The tale tells that in the time when the Quendi awoke Melian went to Middle-earth and there filled the silence of Middle-earth before the dawn with her voice and the voices of her birds.

That's what she was doing anyway 

Can't recall at the moment if there's more!


----------



## Ron Simpson (Oct 5, 2019)

A little off-topic, but I can't understand her attraction to the Elf in the first place. Yes, love is blind yadda, yadda.... but she was of the Maia after all. Wasn't he a bit below her station? (Same goes for Beren & Luthien, and Arwen & Aragorn - but less so for the latter)


----------



## Alcuin (Oct 5, 2019)

The intent (or foreknowledge) of Eru, perhaps: Through the union of Melian with Thingol, Lúthien came to be, and through the union of Lúthien and Beren, the strain of the Maiar entered into the race of Men. Note the stress on Melian’s singing and birds; and that same stress on Lúthien’s singing and especially nightingales (_Tinúviel_): Melian was in the _Ainulindalë_, the song at the beginning of Creation. The Valar were defined in their beginning by the parts they played in that primeval song, meant to be a song of joy in the presence of and praise to Eru: Melian also played a part.

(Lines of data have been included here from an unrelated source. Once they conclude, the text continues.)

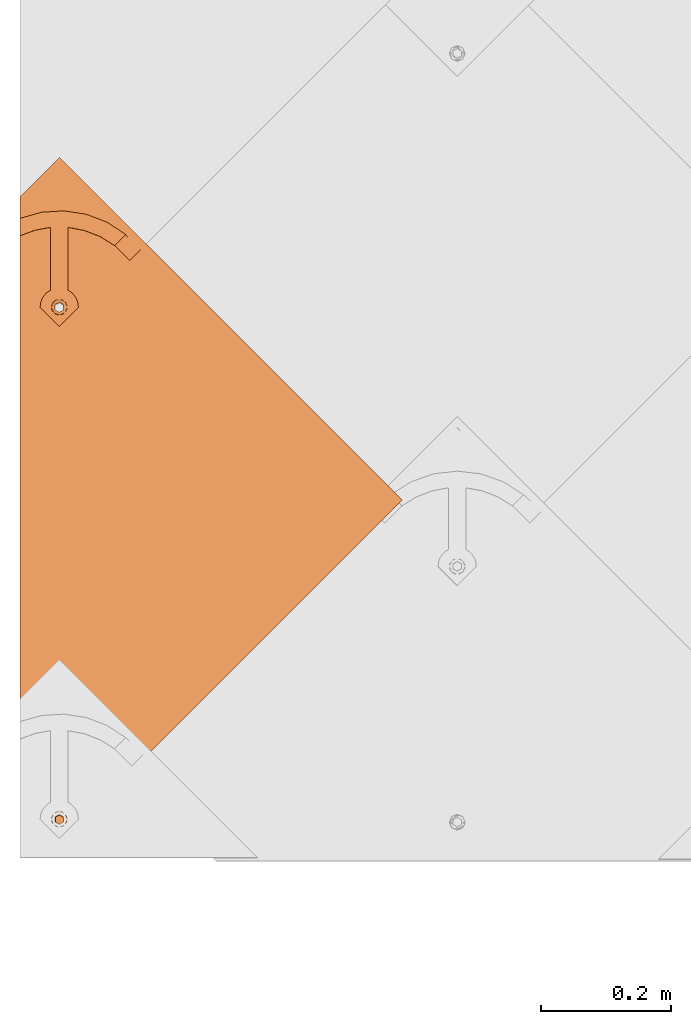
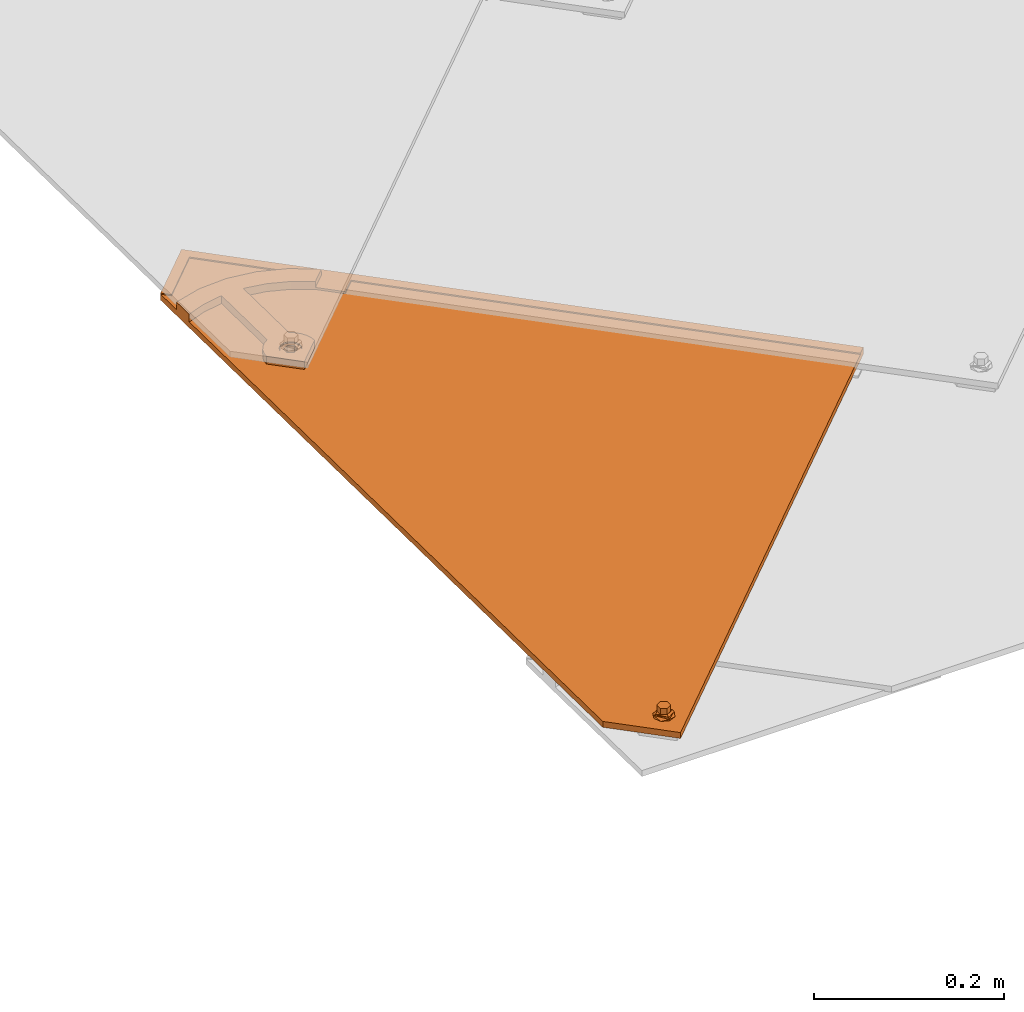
# One storey, part 70 of 133: 1 proxy.
"""IFC2X3 building model written with IfcOpenShell, lengths in millimetres."""

from ifc_helpers import new_model, entity, si_unit, converted_unit, derived_unit, direction, frame, origin, place, context, subcontext, project, spatial, faceted_brep, source, transform, mapped, material, material_list, type_object, type_shapes, element, save


model = new_model("IFC2X3")

# Units and contexts
model_context = context("Model", 3, precision=0.01, world=origin(), true_north=direction((6.12303176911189e-17, 1.0)))
body_context = subcontext(model_context, "Body", "Model", "MODEL_VIEW")
ifc_project = project(units=[si_unit("LENGTHUNIT", "METRE", prefix="MILLI"), si_unit("AREAUNIT", "SQUARE_METRE"), si_unit("VOLUMEUNIT", "CUBIC_METRE"), converted_unit("PLANEANGLEUNIT", "DEGREE", entity("IfcRatioMeasure", 0.0174532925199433), si_unit("PLANEANGLEUNIT", "RADIAN"), dimensions=[0, 0, 0, 0, 0, 0, 0]), si_unit("MASSUNIT", "GRAM", prefix="KILO"), derived_unit("MASSDENSITYUNIT", [(si_unit("MASSUNIT", "GRAM", prefix="KILO"), 1), (si_unit("LENGTHUNIT", "METRE"), -3)]), si_unit("TIMEUNIT", "SECOND"), si_unit("FREQUENCYUNIT", "HERTZ"), si_unit("THERMODYNAMICTEMPERATUREUNIT", "DEGREE_CELSIUS"), derived_unit("THERMALTRANSMITTANCEUNIT", [(si_unit("MASSUNIT", "GRAM", prefix="KILO"), 1), (si_unit("THERMODYNAMICTEMPERATUREUNIT", "KELVIN"), -1), (si_unit("TIMEUNIT", "SECOND"), -3)]), derived_unit("VOLUMETRICFLOWRATEUNIT", [(si_unit("LENGTHUNIT", "METRE"), 3), (si_unit("TIMEUNIT", "SECOND"), -1)]), si_unit("ELECTRICCURRENTUNIT", "AMPERE"), si_unit("ELECTRICVOLTAGEUNIT", "VOLT"), si_unit("POWERUNIT", "WATT"), si_unit("FORCEUNIT", "NEWTON", prefix="KILO"), si_unit("ILLUMINANCEUNIT", "LUX"), si_unit("LUMINOUSFLUXUNIT", "LUMEN"), si_unit("LUMINOUSINTENSITYUNIT", "CANDELA"), derived_unit("USERDEFINED", [(si_unit("MASSUNIT", "GRAM", prefix="KILO"), -1), (si_unit("LENGTHUNIT", "METRE"), -2), (si_unit("TIMEUNIT", "SECOND"), 3), (si_unit("LUMINOUSFLUXUNIT", "LUMEN"), 1)]), derived_unit("LINEARVELOCITYUNIT", [(si_unit("LENGTHUNIT", "METRE"), 1), (si_unit("TIMEUNIT", "SECOND"), -1)]), si_unit("PRESSUREUNIT", "PASCAL"), derived_unit("USERDEFINED", [(si_unit("LENGTHUNIT", "METRE"), -2), (si_unit("MASSUNIT", "GRAM", prefix="KILO"), 1), (si_unit("TIMEUNIT", "SECOND"), -2)])], contexts=[model_context])

# Site, building, storey
site_placement = place(None, origin())
site = spatial("IfcSite", under=ifc_project, at=site_placement, Name="Default", CompositionType="ELEMENT")
building_placement = place(site_placement, origin())
building = spatial("IfcBuilding", under=site, at=building_placement, CompositionType="ELEMENT")
storey_placement = place(building_placement, origin())
storey = spatial("IfcBuildingStorey", under=building, at=storey_placement, Name="Level 1", CompositionType="ELEMENT", Elevation=0.0)

# Proxy
ifc_material_1 = material(Name="Rubber - Sunstyle - Black")
ifc_material_2 = material(Name="Glass - Sunstyle - Tainted Black")
ifc_material_list_1 = material_list([ifc_material_1, ifc_material_2])
ifc_material_list_2 = material_list([ifc_material_1, ifc_material_2])
building_element_proxy_type = type_object("IfcBuildingElementProxyType", Name="Shingle Left - Black", PredefinedType="NOTDEFINED", material=ifc_material_list_2)
shared_shape = source(origin(), body_context, "Body", "Brep", [
    faceted_brep([(0.0, -484.792260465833, 4.00636906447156), (-5.77420283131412, -488.125530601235, 4.06219304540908), (-5.77420283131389, -487.757221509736, 26.0540623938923), (0.0, -484.423951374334, 25.9982384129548), (-5.77420283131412, -494.792070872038, 4.17384100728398), (-5.7742028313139, -494.42376178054, 26.1657103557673), (0.0, -498.12534100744, 4.22966498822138), (0.0, -497.757031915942, 26.2215343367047), (5.77420283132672, -494.792070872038, 4.17384100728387), (5.77420283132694, -494.42376178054, 26.1657103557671), (5.77420283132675, -488.125530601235, 4.06219304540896), (5.77420283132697, -487.757221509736, 26.0540623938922), (-8.60370416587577, -499.692989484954, 26.2539568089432), (0.0, -503.256260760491, 26.3136327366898), (-12.1674751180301, -491.090491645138, 26.1098863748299), (-8.60370416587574, -482.487993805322, 25.9658159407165), (0.0, -478.924722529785, 25.9061400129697), (8.60370416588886, -482.487993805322, 25.9658159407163), (12.1674751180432, -491.090491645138, 26.1098863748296), (8.60370416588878, -499.692989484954, 26.253956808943), (-11.324244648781, -488.795414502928, 28.4227283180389), (-9.75647455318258, -491.019476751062, 30.3502110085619), (0.0, -483.706401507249, 30.9829114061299), (0.0, -482.465903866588, 30.4025647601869), (0.0, -480.308353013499, 29.3931896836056), (0.0, -502.700216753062, 27.5886907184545), (0.0, -501.756640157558, 29.7523951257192), (0.0, -498.307264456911, 31.2274395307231), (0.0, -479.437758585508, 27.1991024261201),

Compare this to Tom Bombadil. Exactly what is he? Not Eru: Tolkien tells us that. Not a Vala, either. _In the context of the story,_ especially since Gandalf at the end of _The Lord of the Rings_ goes for a long visit with him, a “moss-gatherer”, after Gandalf’s labors are completed, I think he was a Maia. He also sings, so much so that the four hobbits at his dinner table “were singing merrily, as if it was easier and more natural than talking.”

Tolkien understands the power of *song*. We ignore it at our peril.



Ron Simpson said:


> A little off-topic, but I can't understand her attraction to the Elf in the first place. Yes, love is blind yadda, yadda.... but she was of the Maia after all. Wasn't he a bit below her station? (Same goes for Beren & Luthien, and Arwen & Aragorn - but less so for the latter)


Yes. In every case the woman “marries down” and the man “married up”. Melian marries Elu Thingol. Lúthien marries Beren. Idril marries Tuor. Arwen marries Aragorn. Every one of these women is far, far older than her mate: the reverse of the usual state of affairs. And the relationship Melian::Thingol is mirrored in the relationship Galadriel::Celeborn, where the woman, while apparently taking the “lower” position of authority, is in fact far more powerful than her spouse, whom she advises and corrects. (Melian is Galadriel’s mentor in Middle-earth: much of what Galadriel does is presaged by the actions of Melian: e.g., Galadriel’s defense of Lórien reflects a later, lesser version of the Girdle of Melian around Doriath.)


----------



## Olorgando (Oct 6, 2019)

Ron Simpson said:


> A little off-topic, but I can't understand her attraction to the Elf in the first place.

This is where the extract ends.